Records for this exercise START

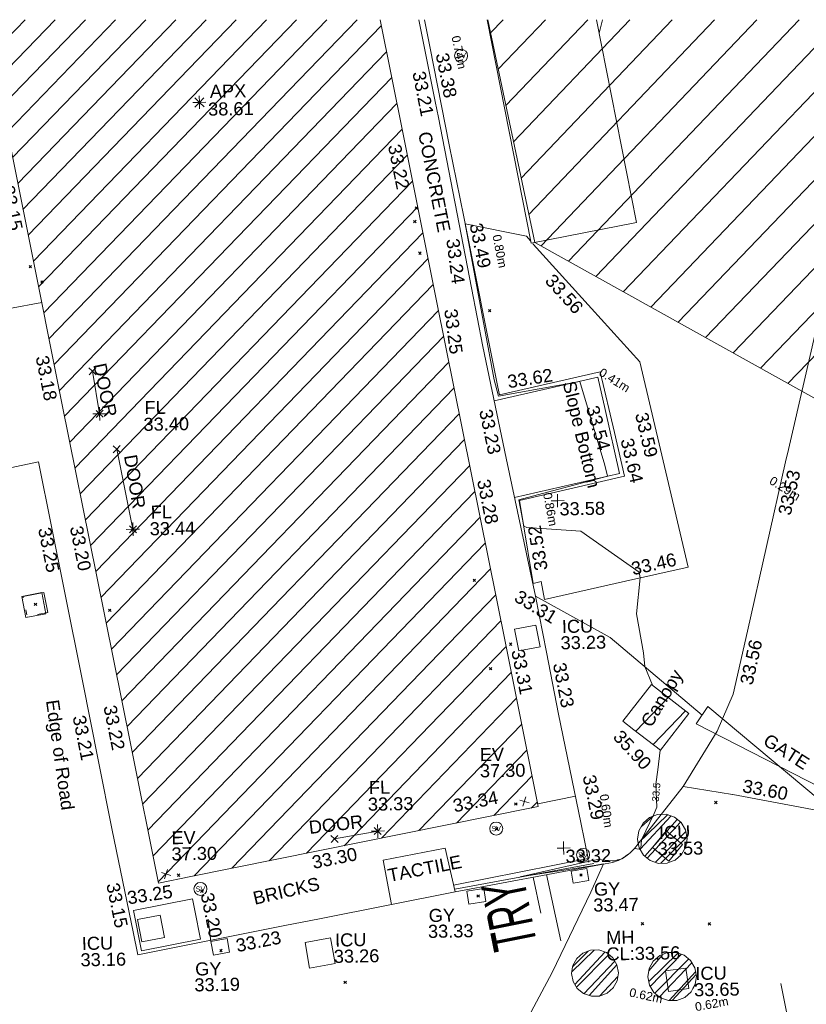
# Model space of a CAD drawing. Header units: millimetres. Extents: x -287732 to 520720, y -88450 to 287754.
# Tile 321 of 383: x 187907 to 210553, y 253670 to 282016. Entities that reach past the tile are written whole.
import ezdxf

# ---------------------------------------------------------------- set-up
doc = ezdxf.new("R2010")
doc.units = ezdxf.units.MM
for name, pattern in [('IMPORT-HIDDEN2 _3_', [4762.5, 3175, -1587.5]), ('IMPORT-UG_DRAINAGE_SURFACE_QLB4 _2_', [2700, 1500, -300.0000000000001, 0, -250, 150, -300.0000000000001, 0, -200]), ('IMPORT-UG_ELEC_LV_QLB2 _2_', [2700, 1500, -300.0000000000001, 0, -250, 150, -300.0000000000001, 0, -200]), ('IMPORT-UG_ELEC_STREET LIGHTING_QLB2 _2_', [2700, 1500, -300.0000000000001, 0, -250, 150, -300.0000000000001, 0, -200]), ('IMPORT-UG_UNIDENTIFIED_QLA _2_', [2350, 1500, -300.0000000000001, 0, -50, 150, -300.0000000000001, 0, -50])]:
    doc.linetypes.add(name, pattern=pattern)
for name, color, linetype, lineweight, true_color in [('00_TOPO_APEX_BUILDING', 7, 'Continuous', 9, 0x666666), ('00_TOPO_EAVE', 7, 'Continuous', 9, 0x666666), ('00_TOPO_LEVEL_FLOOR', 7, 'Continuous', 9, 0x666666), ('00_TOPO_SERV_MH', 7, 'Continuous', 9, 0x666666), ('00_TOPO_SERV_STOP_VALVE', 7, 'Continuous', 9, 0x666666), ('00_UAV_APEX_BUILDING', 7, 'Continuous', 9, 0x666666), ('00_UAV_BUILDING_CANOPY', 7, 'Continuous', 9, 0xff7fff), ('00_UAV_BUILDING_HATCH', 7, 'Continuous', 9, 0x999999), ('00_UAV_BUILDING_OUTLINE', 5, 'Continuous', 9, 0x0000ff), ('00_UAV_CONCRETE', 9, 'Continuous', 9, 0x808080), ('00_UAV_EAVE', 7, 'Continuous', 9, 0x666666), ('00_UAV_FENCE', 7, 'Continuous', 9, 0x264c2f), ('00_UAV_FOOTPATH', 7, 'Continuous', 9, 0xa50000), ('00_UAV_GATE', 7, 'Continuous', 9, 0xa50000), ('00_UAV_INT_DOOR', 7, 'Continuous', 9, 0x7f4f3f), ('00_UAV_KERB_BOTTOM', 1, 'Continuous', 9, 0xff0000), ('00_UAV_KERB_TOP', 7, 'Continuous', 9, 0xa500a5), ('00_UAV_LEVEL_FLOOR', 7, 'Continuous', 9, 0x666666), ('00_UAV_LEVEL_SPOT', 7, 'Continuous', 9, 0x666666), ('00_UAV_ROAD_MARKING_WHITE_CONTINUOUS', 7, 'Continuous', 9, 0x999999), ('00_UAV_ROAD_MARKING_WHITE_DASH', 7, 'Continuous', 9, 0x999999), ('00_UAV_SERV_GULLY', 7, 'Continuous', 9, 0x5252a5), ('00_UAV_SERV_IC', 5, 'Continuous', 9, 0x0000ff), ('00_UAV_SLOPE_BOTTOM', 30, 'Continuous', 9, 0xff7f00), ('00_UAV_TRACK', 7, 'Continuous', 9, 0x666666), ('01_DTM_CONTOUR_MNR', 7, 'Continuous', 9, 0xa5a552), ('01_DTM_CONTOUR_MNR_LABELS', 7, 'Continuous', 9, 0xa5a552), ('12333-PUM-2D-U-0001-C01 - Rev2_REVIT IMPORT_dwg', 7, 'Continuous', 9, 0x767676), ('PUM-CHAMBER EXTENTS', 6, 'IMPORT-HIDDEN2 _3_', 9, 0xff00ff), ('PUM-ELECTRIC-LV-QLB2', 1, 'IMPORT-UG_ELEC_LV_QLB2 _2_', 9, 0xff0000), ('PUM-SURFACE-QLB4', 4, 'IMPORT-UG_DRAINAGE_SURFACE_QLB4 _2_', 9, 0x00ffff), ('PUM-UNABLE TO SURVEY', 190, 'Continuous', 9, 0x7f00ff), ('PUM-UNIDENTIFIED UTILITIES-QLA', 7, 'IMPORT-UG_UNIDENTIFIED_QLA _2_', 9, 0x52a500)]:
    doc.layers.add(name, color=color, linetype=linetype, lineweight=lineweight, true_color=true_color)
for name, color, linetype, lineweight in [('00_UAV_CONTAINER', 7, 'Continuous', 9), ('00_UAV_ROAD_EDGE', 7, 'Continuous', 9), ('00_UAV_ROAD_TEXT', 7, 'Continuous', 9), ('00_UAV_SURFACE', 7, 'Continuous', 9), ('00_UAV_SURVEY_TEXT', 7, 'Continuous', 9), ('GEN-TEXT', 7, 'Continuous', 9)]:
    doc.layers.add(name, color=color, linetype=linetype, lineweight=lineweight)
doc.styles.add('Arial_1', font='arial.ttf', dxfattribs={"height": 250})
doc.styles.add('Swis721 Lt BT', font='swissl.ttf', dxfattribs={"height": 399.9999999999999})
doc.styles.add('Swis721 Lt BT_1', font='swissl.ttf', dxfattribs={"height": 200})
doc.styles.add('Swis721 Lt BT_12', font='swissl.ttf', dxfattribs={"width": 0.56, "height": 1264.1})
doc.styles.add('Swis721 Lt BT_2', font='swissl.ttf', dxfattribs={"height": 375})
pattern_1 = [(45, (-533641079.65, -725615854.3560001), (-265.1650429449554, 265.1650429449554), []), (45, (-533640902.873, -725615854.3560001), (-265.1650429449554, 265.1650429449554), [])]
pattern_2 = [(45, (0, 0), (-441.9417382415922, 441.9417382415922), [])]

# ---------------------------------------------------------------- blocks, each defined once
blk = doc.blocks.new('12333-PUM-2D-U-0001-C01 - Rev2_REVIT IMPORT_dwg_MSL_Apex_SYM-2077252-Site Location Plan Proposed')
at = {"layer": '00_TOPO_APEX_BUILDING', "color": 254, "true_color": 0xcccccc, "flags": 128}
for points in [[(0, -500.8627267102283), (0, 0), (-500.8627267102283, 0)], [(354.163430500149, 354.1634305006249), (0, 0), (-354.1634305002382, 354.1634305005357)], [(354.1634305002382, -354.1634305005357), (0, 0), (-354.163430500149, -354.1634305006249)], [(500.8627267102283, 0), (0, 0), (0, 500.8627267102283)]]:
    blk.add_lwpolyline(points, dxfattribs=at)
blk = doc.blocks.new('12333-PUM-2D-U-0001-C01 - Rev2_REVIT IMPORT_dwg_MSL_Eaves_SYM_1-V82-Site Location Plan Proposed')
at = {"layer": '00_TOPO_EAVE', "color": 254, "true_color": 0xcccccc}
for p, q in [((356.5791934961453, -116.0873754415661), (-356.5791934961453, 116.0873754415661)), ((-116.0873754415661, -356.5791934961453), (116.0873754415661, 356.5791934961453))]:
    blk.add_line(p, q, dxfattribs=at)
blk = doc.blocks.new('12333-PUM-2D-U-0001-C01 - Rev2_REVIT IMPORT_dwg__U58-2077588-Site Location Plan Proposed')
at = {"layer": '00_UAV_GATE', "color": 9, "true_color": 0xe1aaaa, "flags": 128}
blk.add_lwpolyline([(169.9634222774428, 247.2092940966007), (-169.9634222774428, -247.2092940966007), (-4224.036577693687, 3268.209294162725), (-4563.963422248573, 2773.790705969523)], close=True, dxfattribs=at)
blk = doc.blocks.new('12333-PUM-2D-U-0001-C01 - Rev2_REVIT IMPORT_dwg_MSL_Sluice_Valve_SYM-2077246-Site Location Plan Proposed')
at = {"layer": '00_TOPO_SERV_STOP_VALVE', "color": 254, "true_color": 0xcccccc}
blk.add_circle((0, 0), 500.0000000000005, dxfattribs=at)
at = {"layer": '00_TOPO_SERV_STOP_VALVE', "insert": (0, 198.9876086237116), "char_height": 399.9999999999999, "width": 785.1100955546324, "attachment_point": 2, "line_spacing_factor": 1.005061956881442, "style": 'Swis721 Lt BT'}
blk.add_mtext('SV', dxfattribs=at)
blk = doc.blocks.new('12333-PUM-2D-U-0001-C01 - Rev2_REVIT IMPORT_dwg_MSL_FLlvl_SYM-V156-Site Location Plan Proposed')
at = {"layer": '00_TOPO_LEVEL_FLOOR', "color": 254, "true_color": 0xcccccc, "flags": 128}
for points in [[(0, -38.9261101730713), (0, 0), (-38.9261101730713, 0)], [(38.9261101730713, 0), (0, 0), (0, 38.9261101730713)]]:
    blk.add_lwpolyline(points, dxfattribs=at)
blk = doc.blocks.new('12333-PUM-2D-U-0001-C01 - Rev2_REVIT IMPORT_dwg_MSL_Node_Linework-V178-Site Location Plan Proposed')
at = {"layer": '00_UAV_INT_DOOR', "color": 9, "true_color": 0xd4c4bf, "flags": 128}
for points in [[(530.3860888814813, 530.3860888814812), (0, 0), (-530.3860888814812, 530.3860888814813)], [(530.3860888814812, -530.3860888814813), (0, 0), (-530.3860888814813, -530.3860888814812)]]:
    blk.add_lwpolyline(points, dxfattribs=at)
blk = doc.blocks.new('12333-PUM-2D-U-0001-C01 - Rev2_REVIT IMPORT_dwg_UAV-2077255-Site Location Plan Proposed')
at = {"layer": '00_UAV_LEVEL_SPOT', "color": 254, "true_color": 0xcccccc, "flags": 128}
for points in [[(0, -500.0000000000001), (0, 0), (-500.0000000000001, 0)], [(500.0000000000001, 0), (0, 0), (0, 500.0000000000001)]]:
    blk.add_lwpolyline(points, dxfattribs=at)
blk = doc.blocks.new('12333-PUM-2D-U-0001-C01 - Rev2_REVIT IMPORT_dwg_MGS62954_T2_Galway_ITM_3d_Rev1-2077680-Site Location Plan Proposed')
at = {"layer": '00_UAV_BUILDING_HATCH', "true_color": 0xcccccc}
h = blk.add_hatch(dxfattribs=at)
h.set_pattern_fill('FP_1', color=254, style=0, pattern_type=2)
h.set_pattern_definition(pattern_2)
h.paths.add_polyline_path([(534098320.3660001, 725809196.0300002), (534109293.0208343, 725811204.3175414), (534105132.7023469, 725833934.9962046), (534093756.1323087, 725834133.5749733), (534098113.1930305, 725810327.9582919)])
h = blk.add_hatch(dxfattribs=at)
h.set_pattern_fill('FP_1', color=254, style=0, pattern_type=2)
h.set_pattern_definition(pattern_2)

Records for this exercise END

## About this task
Would you please return all lines of the data that include the word "Location"?

## Answer space
blk = doc.blocks.new('12333-PUM-2D-U-0001-C01 - Rev2_REVIT IMPORT_dwg_MSL_Apex_SYM-2077252-Site Location Plan Proposed')
blk = doc.blocks.new('12333-PUM-2D-U-0001-C01 - Rev2_REVIT IMPORT_dwg_MSL_Eaves_SYM_1-V82-Site Location Plan Proposed')
blk = doc.blocks.new('12333-PUM-2D-U-0001-C01 - Rev2_REVIT IMPORT_dwg__U58-2077588-Site Location Plan Proposed')
blk = doc.blocks.new('12333-PUM-2D-U-0001-C01 - Rev2_REVIT IMPORT_dwg_MSL_Sluice_Valve_SYM-2077246-Site Location Plan Proposed')
blk = doc.blocks.new('12333-PUM-2D-U-0001-C01 - Rev2_REVIT IMPORT_dwg_MSL_FLlvl_SYM-V156-Site Location Plan Proposed')
blk = doc.blocks.new('12333-PUM-2D-U-0001-C01 - Rev2_REVIT IMPORT_dwg_MSL_Node_Linework-V178-Site Location Plan Proposed')
blk = doc.blocks.new('12333-PUM-2D-U-0001-C01 - Rev2_REVIT IMPORT_dwg_UAV-2077255-Site Location Plan Proposed')
blk = doc.blocks.new('12333-PUM-2D-U-0001-C01 - Rev2_REVIT IMPORT_dwg_MGS62954_T2_Galway_ITM_3d_Rev1-2077680-Site Location Plan Proposed')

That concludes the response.